Nelle aree corticali, definite in anatomia descrittiva area motoria supplementare e pre-supplementare, si registravano patterns approssimativamente 5 secondi prima che una decisione entrasse nella coscienza, con una precisione tale da consentire di prevedere i tempi di esecuzione.

Presi insieme questi dati sembrano indicare che diverse aree del cervello sono implicate nella formazione della decisione di compiere un movimento e nella scelta del momento in cui eseguirlo.

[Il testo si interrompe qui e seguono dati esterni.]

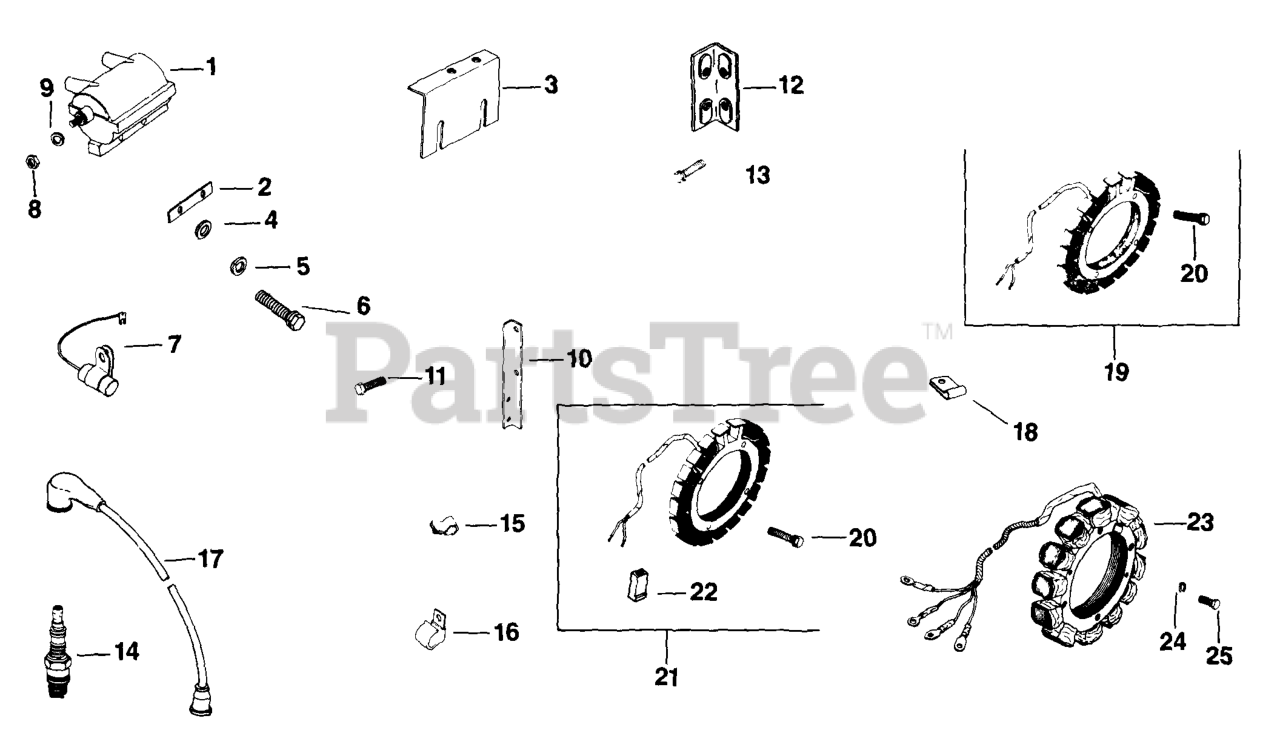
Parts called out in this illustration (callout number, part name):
1	KIT, COIL
2	PLATE, COIL MOUNTING - DISC.
4	WASHER, FLAT 1/4" (O.D. 1/2")
5	WASHER, SPRING LOCK 1/4"
6	SCREW, CAP HD 1/4-20x1-1/2" - DISCONTINUED
7	CONDENSER
8	NUT, MACH SCREW #10-32 GRD 2 USE 25 100 18-S
9	WASHER, SPRING LOCK #10
14	SPARK PLUG USE 25 132 10-S
19	KIT, 15 / 20 AMP STATOR
20	SCREW, WSH HD TAP #10-24X3/4" USE 25 086 97-S
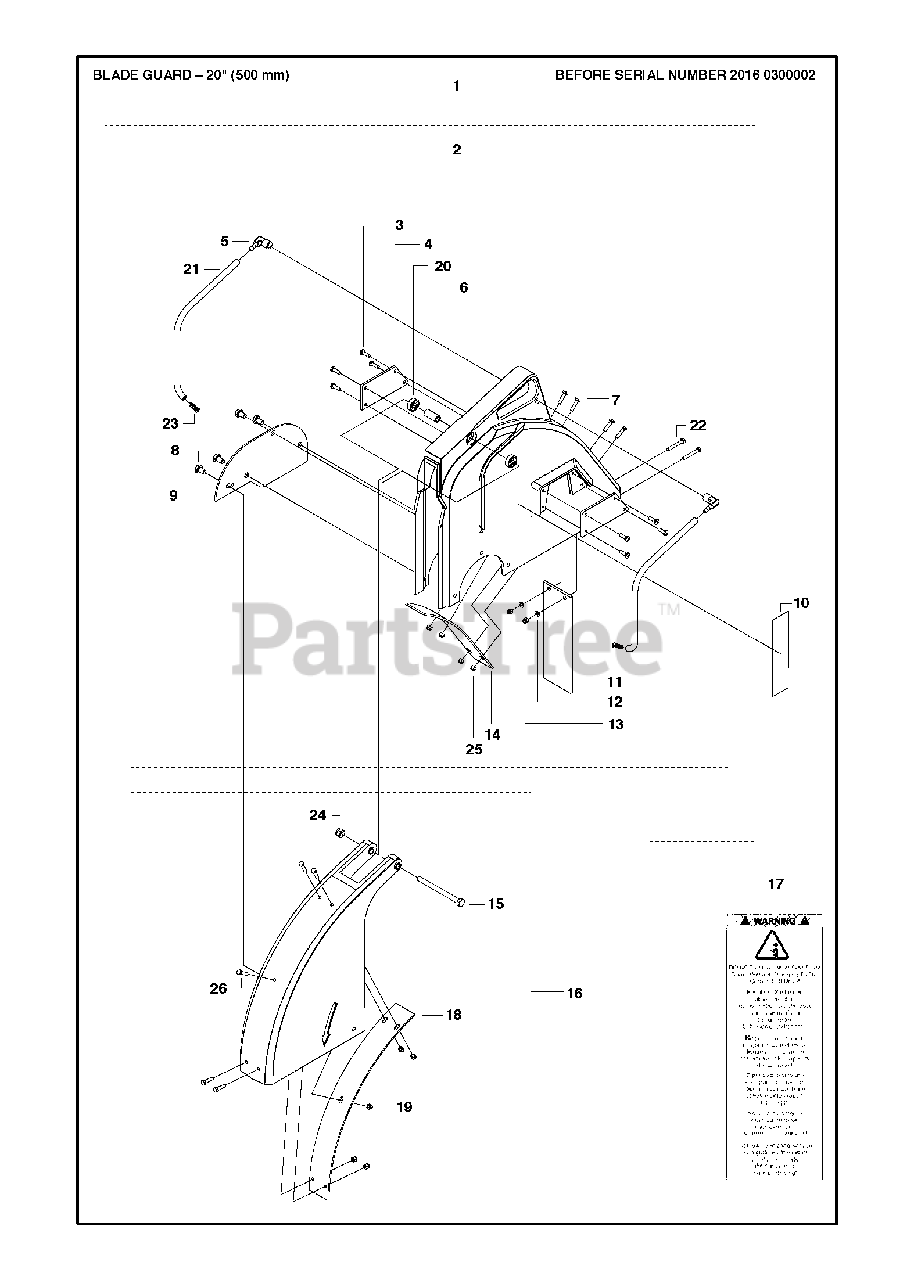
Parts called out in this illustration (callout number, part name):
4	PLATE.SPADE RETAINING.FINISHED
13	HEXAGON LOCKING NUT
19	HEXAGON LOCKING NUT
24	HEXAGON LOCKING NUT
25	HEXAGON LOCKING NUT
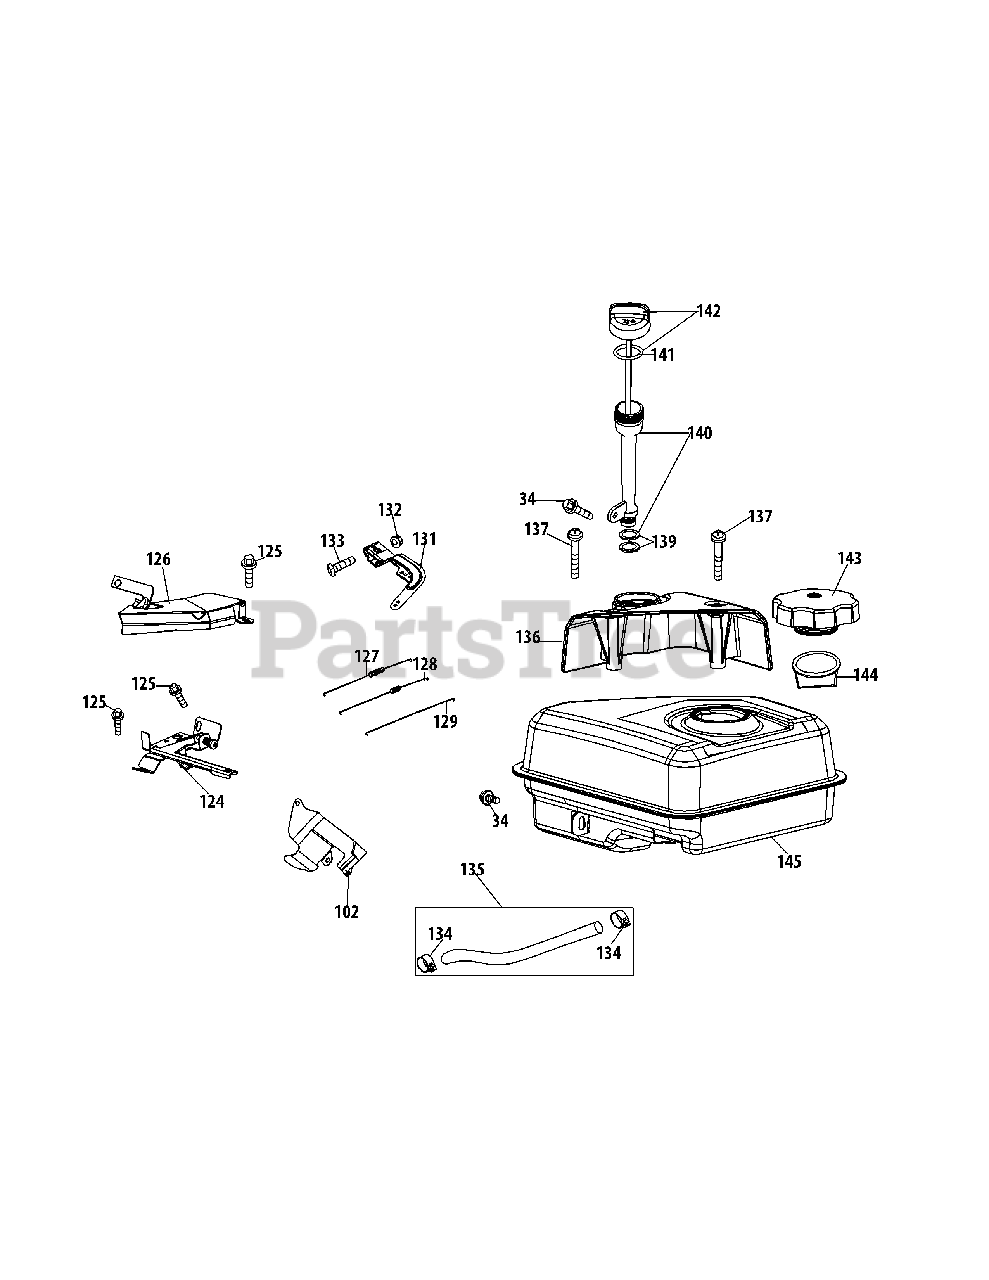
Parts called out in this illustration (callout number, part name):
34	Bolt M6×12
102	Air Shield
124	Throttle Bracket
125	Bolt M6×12
126	Governor Linkage Shield
127	Governor Spring
128	Throttle Linkage Spring
129	Throttle Linkage
131	Governor Arm
132	Nut M6
133	Governor Arm Bolt
134	Fuel Hose Clamp
135	Fuel Line Kit
136	Dipstick Decoration Cover
139	Oil Fill Tube O-Ring
140	Oil Fill Tube Assembly
141	Dipstick O-Ring
142	Dipstick Assembly
143	Fuel Cap Assembly
144	Fuel Filter
145	Fuel Tank Assembly
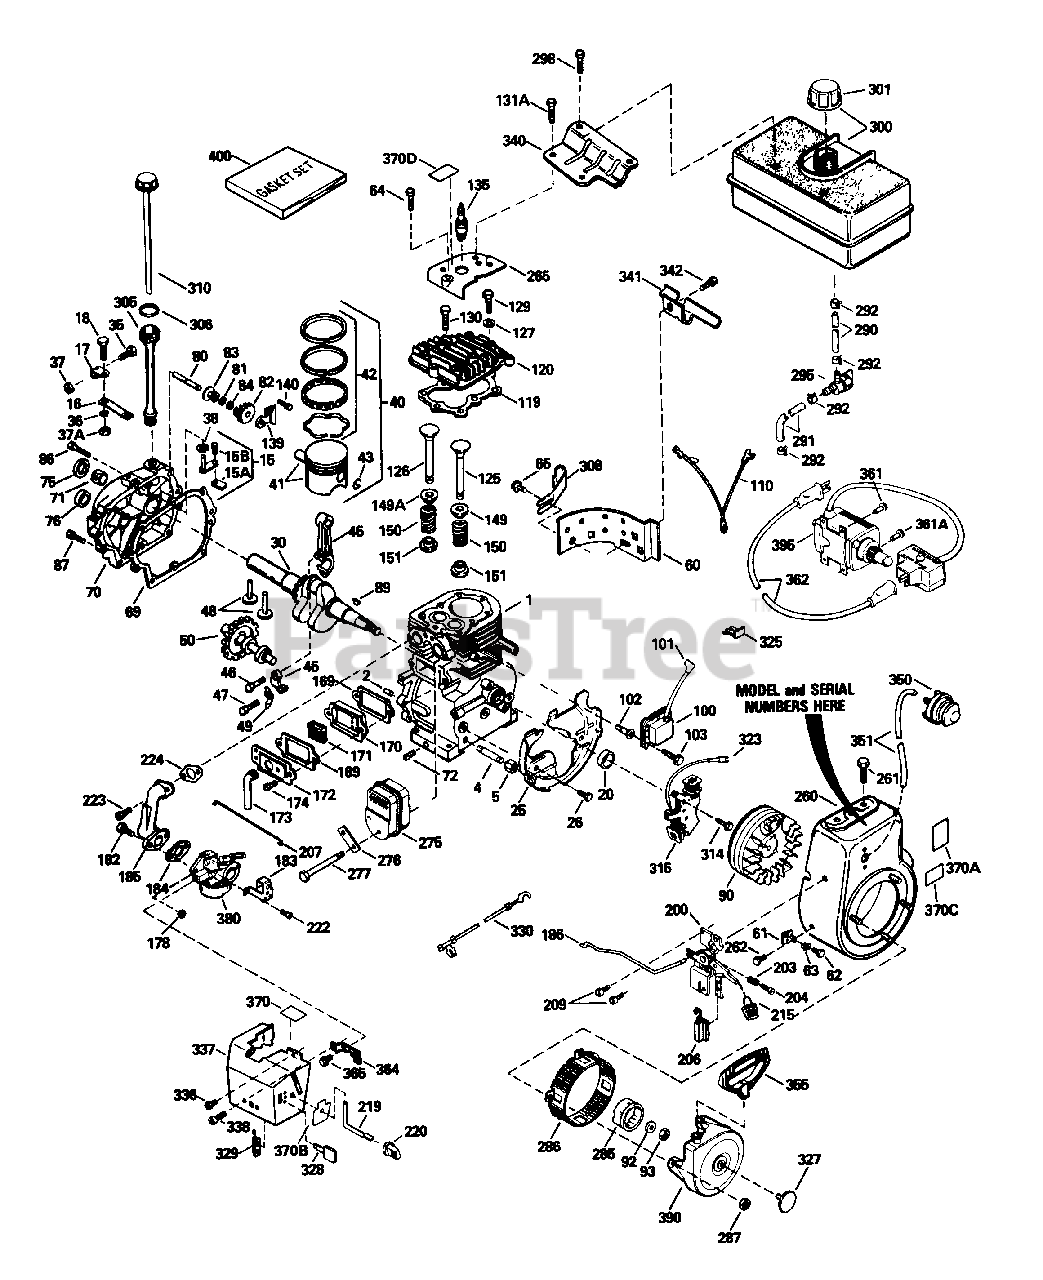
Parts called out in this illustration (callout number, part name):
1	Cylinder
2	Pin, Dowel
4	Nipple, Pipe, 5-1/2"
5	Cap, Oil Drain
15	Rod Ass'y., Governor
15A	Yoke, Governor
15B	Screw, Fil. Hd. Sems, 6-40 x 5/16
16	Lever, Governor
17	Clamp, Governor Lever
18	Screw, Hex Washer Hd., 8-32 x 5/16
20	Seal, Oil
25	Baffle, Blower Housing
26	Screw, Hex Washer Hd. Durlok, 1/4-20 x 5/8
30	Crankshaft
35	Screw, Hex Washer Hd., 10-32 x 3/4
36	Washer, E.T. Lock No. 8
37	Nut & Lock Washer, 10-32 "Keps"
37A	Lock Nut, Hex "Keps," 8-32
38	Ring, Retaining
40	Piston, Pin & Ring Ass'y. (Std.)
40	Piston, Pin & Ring Ass'y. (.010 Oversize)
40	Piston, Pin & Ring Ass'y. (.020 Oversize)
41	Piston & Pin Ass'y. (Std.)
41	Piston & Pin Ass'y. (.010 Oversize)
41	Piston & Pin Ass'y. (.020 Oversize)
42	Ring Set, Piston (Std.)
42	Ring Set, Piston (.010 Oversize)
42	Ring Set, Piston (.020 Oversize)
43	Ring, Piston Pin Retaining
45	Rod Ass'y., Connecting
46	Bolt, Connecting Rod
47	Bolt, Connecting Rod
48	Lifter, Valve
49	Dipper, Oil
50	Camshaft (Mechanical Compression Release)
60	Extension, Blower Housing
61	Bracket, Grommet Mounting
62	Screw, Pan Hd. Taptite, 8-32 x 3/8
63	Grommet, Plastic
64	Screw, Hex Washer Hd. Taptite, 1/4-20 x 5/8
65	Screw, Hex Hd. Sems, 10-24 x 1/2
69	Gasket, Cylinder Cover
70	Cover Ass'y., Cylinder
71	Bushing, Cylinder Cover
72	Plug, Pipe
75	Seal, Oil
76	Seal, Oil (Camshaft)
80	Shaft, Governor
81	Washer, Flat
82	Gear, Governor
83	Spool, Governor
84	Ring, Retaining
86	Screw, Hex Washer Hd. Powerlok, 1/4-20 x 1-3/16
87	Screw, Hex Washer Hd. Powerlok, 1/4-20 x 1-11/16
89	Key, Flywheel
90	Flywheel (w/Ring Gear)
92	Washer, Lock
93	Nut, Flywheel
100	Solid State Ass'y.
101	Cover, Spark Plug
102	Stud, Solid State Mounting
103	Screw, T-15 Torx Hex Washer Hd. Sems, 10-24 x 1
110	Wire, Ground
119	Gasket, Cylinder Head
120	Head, Cylinder
125	Valve, Exhaust (Std.)
125	Valve, Exhaust (1/32" Oversize)
126	Valve, Intake (Std.)
126	Valve, Intake (1/32" Oversize)
127	Washer, Flat
129	Screw, Special Hex Hd. Tapped, 5/16-18 x 1-3/4
130	Screw, Hex Flange Hd., 5/16-18 x 1-1/2
131A	Screw, Hex Hd., 5/16-18 x 5/8
135	Spark Plug
139	Bracket, Governor Gear
140	Screw, Hex Washer Hd. Thread Forming, 10-24 x 1/2
149	Cap, Upper Valve Spring
149A	Seal Ass'y., Intake Valve
150	Spring, Valve
151	Cap, Lower Valve Spring
169	Gasket, Breather
170	Body, Breather
171	Element, Breather
172	Cover, Breather
173	Tube, Breather
174	Screw, Hex Hd. Sems, 10-24 x 1/2
178	Nut & Lock Washer, 1/4-28
182	Screw, Fil. Hd. Sems, 1/4-28 x 1
183	Bracket, Choke
184	Gasket, Carburetor
185	Pipe, Intake
186	Link, Governor
200	Bracket Ass'y., Control
203	Spring, Compression
204	Screw, Fil. Hd., 5-40 x 7/16
207	Link, Governor-To-Throttle
209	Screw, Hex Washer Hd. Thread Cutting, 10-32 x 1/2
215	Knob, Control
219	Rod, Choke
220	Knob, Choke
222	Screw, Fil. Hd. Sems, 10-32 x 1/2
223	Screw, T-30 Torx Fil. Hd. Sems, 5/16-18 x 1-1/8
224	Gasket, Intake Pipe
260	Housing, Blower
261	Screw, Hex Hd. Spinlock Thread Forming, 5/16-18 x 3/4
262	Screw, Hex Hd. Sems, 5/16-24 x 21/32
265	Cover, Cylinder Head
276	Plate, Lock
277	Screw, Flanged Hex Hd., 5/16-18 x 4-3/16
285	Hub, Starter
286	Screen, Starter
287	Nut & Lock Washer, 1/4-28
290	Line, Fuel
291	Line, Fuel
292	Clamp, Fuel Line
295	Valve, Fuel Shut-Off
298	Screw, Hex Washer Hd. Thread Cutting, 1/4-15 x 7/8
300	Tank, Fuel
301	Cap, Fuel Tank
305	Tube, Oil Fill
308	Clip, Fill Tube
310	Dipstick, Oil
314	Screw, Hex Hd. Sems, 1/4-20 x 3/4
315	Coil Ass'y., Alternator (18 Watt)
325	Clip, Wire
327	Plug, Starter
328	Ignition, Key
330	Wire, Ground
336	Screw, Hex Washer Hd. Self-Drilling, 10-32 x 1/2
337	Cover, Carburetor
338	Screw, Hex Washer Hd. Sems, 10-32 x 3/8
340	Bracket, Fuel Tank
341	Plate, Fuel Tank Mounting
342	Screw, Hex Washer Hd. Durlok, 1/4-20 x 5/8
350	Primer Ass'y.
351	Line, Primer
355	Starter Handle, Mitten Grip
361	Screw, Hex Hd. Shoulder, 1/4-20 x 1/2
361A	Screw, Torx T-30 Hex Washer Hd. Sems, 1/4-20 x 1/2
362	Cord, Extension
364	Bracket, Carburetor Cover Mounting
365	Screw, Hex Washer Hd. Sems, Taptite, 8-32 x 27/64
370	Decal, Warning (Bilingual)
370A	Decal, Name
370B	Decal, Control
370C	Decal, Primer
370D	Decal, Instruction
380	Carburetor
390	Starter, Rewind
395	Motor Kit, Electric Starter (120 Volt)
400	Gasket Kit

Sicuramente i dati emersi da questo studio sono molto interessanti, ma a nostro avviso vanno interpretati nella cornice teorica delle indagini sulla struttura neurofunzionale dei processi decisionali, e non facilmente estrapolati in contesti tanto diversi quanto quelli delle filosofie della mente che studiano le decisioni nelle grandi scelte dell’esperienza umana in termini di volontà e libertà individuale. Tali decisioni implicano consolidati contenuti di memoria esplicita del soggetto (concezioni, valori culturali, mentalità, ecc.) in grado di influenzare le decisioni sulla base di condizioni di fondo, pre-esistenti a stimoli del momento come quelli che inducono la scelta di un atto motorio. Per questo non ci sentiamo di condividere l’impostazione di chi, come Leonie Welberg, sostiene che uno studio come questo metterebbe in crisi la nozione di libero arbitrio[3].

 

L’autrice della nota ringrazia la dottoressa Floriani per la correzione della bozza.

 

Nicole Cardon

BM&L-Giugno 2008

www.brainmindlife.org

 

 

 

 



[1] Nel 1983 scoprirono il readiness potential, ma gli studi erano cominciati nel 1967. Sulla scorta di questi studi, nel 1989, Pfurtscheller e Berghold stabilirono che due secondi prima di eseguire un movimento è già stato deciso il lato del corpo in cui questo avrà luogo.

[2] Una review su questo argomento è stata pubblicata due anni or sono: Haynes J. D. & Rees G., Decoding mental states from brain activity in humans. Nature Reviews Neuroscience 7, 523-534, 2006.

[3] Leonie Welberg, Free Will? Nature Reviews Neuroscience 9, 410, 2008.